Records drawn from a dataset
-- Opening Marker --

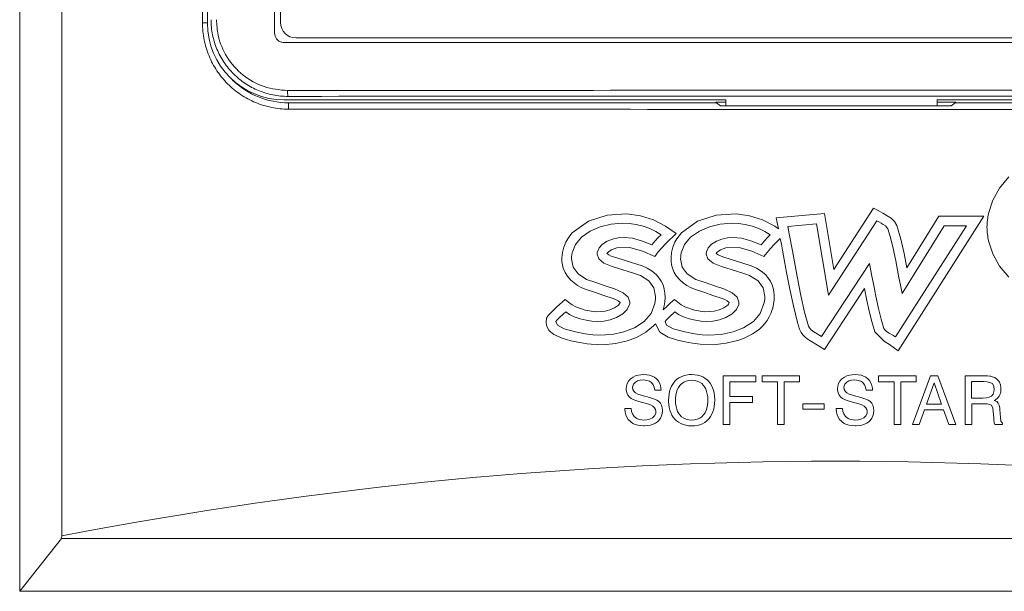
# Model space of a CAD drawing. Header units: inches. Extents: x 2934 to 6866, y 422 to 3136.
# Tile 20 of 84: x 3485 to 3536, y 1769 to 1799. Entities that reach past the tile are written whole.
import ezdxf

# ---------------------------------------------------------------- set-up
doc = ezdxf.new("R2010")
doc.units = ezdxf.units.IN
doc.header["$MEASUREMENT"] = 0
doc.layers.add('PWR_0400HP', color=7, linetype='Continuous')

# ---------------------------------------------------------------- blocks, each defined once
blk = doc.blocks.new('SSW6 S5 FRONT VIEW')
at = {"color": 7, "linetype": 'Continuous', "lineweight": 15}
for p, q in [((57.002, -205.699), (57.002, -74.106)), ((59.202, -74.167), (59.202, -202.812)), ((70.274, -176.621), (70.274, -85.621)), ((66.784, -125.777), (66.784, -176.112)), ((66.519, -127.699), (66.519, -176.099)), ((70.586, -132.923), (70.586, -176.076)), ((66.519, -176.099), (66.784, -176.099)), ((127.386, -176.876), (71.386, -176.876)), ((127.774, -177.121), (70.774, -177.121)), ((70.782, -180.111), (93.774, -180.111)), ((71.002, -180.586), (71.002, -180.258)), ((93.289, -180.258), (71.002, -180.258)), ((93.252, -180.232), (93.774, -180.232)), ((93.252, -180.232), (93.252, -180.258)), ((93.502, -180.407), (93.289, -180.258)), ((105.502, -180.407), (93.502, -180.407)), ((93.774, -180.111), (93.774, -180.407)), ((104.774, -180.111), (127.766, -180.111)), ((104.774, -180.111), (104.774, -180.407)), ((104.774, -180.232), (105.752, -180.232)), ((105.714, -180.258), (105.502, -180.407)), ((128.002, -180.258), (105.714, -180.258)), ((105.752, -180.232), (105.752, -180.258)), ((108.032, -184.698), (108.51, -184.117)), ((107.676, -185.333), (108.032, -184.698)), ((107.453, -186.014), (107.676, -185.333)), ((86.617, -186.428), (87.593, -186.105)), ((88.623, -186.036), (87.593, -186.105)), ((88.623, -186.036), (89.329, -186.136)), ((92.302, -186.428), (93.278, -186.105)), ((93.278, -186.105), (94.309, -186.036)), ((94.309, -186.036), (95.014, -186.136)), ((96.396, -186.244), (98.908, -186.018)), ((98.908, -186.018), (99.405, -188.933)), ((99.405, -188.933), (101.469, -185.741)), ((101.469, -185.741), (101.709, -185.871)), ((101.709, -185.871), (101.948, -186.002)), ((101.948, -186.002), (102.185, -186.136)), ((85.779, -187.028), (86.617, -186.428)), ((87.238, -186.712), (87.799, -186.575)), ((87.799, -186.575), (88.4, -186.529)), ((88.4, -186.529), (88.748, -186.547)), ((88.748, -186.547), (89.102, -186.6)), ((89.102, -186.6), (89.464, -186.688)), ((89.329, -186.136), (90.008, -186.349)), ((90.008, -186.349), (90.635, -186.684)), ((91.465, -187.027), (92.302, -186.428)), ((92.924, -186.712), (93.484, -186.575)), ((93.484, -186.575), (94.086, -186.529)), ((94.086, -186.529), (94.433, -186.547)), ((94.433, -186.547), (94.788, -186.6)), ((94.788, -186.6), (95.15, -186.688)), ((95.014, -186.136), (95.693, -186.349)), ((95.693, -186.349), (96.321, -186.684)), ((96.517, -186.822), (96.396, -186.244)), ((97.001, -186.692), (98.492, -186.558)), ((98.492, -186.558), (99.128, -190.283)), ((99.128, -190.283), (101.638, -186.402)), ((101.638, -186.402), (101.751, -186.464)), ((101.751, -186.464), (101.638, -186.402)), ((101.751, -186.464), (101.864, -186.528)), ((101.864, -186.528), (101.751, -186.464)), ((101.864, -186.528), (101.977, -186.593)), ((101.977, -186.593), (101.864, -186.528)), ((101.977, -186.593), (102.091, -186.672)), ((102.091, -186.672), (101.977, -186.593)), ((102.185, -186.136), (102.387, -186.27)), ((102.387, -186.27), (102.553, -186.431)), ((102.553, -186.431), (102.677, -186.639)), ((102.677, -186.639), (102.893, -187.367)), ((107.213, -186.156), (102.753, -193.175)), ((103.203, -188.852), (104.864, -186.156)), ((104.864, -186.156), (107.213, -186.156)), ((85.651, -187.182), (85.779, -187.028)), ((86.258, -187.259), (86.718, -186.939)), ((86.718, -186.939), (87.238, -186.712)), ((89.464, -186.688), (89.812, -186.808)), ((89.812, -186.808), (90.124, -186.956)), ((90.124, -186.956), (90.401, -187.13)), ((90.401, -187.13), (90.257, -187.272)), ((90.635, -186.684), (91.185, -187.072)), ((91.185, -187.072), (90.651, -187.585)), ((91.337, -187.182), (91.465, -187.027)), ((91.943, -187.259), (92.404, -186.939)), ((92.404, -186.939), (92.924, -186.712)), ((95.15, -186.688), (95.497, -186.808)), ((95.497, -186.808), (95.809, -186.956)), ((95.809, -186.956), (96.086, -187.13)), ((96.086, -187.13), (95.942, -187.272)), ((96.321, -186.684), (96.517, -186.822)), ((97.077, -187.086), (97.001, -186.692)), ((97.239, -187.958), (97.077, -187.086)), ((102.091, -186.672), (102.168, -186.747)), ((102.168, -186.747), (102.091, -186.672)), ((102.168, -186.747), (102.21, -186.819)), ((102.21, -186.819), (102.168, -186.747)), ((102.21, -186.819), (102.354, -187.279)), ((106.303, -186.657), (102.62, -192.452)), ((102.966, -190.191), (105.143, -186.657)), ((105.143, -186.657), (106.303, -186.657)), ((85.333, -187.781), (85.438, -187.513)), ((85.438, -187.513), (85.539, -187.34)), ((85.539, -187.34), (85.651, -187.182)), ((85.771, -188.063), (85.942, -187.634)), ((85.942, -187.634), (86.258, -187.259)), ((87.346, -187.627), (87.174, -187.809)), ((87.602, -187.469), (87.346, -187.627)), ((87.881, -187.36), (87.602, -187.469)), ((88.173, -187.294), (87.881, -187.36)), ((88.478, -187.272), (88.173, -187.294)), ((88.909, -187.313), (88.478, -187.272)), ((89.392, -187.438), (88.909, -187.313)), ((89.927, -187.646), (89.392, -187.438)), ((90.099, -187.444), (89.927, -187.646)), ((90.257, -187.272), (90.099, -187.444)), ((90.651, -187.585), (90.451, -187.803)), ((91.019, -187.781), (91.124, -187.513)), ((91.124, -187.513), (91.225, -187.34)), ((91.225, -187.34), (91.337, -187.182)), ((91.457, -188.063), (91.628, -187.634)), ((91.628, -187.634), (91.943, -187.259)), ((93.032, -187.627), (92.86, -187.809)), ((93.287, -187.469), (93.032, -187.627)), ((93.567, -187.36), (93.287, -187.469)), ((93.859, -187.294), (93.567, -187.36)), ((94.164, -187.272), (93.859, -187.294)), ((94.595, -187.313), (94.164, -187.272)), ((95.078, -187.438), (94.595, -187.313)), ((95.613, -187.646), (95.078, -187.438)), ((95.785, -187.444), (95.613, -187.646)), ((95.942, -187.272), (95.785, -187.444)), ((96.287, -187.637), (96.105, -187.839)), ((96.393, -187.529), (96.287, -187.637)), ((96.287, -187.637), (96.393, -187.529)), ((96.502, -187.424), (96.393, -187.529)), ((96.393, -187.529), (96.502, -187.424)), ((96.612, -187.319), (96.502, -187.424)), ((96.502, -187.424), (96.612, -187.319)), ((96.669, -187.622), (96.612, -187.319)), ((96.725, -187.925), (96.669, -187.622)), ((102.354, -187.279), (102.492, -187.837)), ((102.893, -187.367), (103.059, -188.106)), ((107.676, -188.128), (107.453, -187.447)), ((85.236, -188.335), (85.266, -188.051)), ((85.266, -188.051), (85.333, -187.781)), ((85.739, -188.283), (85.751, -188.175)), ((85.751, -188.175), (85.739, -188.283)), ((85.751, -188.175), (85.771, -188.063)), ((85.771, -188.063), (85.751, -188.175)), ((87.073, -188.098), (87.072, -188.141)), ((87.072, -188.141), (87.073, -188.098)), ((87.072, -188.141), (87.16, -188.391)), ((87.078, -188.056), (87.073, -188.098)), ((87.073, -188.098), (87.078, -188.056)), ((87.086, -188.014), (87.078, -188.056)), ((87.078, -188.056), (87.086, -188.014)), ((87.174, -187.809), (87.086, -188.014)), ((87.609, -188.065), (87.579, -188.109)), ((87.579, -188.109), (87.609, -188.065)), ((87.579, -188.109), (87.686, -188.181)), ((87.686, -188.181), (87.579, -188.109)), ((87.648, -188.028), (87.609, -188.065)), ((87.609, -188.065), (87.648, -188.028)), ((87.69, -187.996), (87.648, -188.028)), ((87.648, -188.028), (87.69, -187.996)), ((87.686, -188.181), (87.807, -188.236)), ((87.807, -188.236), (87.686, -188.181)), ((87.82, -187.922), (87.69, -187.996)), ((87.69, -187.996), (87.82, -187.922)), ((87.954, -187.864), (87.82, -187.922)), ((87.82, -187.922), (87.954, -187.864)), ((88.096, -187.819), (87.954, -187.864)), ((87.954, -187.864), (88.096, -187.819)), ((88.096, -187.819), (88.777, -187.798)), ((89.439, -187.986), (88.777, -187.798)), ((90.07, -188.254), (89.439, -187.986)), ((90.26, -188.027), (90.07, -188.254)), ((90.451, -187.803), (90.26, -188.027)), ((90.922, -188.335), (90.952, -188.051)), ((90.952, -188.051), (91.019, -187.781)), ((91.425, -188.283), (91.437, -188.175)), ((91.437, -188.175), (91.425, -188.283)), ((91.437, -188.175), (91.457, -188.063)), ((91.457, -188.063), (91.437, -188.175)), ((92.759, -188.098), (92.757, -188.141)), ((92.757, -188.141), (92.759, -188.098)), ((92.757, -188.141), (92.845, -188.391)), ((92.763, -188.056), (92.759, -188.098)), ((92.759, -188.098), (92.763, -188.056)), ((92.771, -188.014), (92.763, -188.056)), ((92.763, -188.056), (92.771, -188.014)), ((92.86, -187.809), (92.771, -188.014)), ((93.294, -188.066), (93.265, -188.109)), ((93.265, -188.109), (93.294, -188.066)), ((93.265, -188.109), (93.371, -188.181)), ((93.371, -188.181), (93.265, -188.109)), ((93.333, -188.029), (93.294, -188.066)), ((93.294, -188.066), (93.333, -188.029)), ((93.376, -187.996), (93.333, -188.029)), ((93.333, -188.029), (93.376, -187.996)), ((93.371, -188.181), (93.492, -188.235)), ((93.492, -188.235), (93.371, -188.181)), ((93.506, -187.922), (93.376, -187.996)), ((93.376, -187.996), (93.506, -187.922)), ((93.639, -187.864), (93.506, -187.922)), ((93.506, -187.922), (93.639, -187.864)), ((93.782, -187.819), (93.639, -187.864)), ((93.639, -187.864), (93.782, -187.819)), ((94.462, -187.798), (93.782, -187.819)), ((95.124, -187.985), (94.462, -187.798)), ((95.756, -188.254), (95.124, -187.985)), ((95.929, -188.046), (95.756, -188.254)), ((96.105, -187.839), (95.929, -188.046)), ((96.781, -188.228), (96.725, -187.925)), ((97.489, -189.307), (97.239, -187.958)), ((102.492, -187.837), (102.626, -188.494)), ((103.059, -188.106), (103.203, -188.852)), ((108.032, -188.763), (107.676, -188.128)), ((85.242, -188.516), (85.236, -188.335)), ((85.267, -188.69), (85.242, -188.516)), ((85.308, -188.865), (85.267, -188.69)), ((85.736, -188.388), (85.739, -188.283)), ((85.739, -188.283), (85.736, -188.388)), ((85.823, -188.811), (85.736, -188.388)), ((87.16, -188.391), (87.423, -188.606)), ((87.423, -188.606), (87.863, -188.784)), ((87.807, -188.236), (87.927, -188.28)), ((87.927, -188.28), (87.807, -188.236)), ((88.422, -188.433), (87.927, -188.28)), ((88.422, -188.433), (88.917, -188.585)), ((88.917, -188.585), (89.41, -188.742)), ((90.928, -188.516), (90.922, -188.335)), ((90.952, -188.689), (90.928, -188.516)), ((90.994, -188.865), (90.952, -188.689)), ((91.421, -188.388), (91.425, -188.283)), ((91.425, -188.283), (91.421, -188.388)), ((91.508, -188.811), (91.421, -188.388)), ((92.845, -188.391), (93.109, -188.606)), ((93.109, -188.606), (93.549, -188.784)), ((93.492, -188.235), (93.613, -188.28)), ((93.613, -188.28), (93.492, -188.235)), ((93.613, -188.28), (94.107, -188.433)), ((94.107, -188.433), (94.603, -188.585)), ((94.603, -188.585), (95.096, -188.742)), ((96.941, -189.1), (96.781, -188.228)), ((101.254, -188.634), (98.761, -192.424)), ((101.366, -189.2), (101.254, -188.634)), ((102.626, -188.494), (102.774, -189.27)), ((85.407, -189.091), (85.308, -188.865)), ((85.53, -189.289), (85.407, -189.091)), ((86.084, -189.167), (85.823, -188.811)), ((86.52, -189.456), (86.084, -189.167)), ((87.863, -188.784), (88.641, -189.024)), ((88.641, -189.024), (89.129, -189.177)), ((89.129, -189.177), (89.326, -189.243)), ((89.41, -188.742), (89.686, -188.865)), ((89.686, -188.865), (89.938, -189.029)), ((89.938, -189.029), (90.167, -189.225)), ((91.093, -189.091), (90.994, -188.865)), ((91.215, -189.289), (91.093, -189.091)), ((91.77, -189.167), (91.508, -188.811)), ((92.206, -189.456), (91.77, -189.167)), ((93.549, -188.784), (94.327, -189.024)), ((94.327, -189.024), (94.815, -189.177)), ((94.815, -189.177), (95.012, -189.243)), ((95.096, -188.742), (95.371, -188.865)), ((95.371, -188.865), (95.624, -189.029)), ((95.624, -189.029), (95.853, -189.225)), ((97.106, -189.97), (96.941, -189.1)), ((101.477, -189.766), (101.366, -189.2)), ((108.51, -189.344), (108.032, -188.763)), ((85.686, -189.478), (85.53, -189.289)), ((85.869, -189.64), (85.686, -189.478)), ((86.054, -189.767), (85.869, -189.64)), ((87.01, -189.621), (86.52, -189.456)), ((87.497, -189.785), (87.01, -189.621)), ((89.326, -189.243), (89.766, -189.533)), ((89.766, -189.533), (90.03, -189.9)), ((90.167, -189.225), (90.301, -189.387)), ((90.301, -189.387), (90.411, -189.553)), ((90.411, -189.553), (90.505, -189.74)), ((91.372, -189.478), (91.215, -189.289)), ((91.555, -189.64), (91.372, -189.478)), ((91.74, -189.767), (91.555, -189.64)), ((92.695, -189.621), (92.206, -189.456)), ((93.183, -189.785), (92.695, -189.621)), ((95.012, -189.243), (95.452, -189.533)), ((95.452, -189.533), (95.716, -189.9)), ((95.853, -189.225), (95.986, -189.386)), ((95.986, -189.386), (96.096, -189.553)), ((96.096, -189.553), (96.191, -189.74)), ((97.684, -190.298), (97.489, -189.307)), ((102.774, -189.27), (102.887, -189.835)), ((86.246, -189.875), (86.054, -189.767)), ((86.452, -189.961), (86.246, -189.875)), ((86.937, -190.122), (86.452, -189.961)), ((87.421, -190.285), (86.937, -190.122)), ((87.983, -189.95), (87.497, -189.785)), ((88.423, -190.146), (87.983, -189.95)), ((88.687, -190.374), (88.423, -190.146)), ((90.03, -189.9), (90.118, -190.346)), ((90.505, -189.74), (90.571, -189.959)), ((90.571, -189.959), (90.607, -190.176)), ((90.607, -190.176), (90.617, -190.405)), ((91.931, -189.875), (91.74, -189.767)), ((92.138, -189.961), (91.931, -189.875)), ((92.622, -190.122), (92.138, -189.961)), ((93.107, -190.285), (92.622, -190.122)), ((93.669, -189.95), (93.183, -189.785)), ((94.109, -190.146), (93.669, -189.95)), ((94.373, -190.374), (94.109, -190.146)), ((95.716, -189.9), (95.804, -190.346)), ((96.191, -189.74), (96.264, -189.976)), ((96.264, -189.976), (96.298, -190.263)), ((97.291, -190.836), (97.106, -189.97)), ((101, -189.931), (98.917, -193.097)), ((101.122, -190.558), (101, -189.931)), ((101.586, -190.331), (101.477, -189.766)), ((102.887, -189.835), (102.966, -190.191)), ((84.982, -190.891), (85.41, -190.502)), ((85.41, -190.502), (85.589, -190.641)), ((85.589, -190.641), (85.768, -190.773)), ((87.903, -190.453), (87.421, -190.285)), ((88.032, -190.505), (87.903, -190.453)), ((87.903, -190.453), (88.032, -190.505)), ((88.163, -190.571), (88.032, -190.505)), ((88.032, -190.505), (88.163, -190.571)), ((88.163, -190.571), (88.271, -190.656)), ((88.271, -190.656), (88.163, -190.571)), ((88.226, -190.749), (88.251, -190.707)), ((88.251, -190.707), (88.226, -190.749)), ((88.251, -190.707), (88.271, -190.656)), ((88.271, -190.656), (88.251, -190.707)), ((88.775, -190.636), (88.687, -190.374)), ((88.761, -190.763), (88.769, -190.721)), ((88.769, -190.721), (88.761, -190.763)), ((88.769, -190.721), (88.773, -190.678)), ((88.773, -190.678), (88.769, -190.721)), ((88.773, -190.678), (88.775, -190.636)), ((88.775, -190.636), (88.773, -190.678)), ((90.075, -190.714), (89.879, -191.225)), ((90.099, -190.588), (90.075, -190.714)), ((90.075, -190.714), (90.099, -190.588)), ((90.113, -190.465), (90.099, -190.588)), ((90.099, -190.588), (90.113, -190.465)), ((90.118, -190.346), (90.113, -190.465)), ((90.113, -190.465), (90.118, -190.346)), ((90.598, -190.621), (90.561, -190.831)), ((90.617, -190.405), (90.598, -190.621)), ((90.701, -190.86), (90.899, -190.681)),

-- Closing Marker --

*Your goal*. Wherever the word "color" occurs in the data, copy that whole line.

*Answer for the task*.
doc.layers.add('PWR_0400HP', color=7, linetype='Continuous')
at = {"color": 7, "linetype": 'Continuous', "lineweight": 15}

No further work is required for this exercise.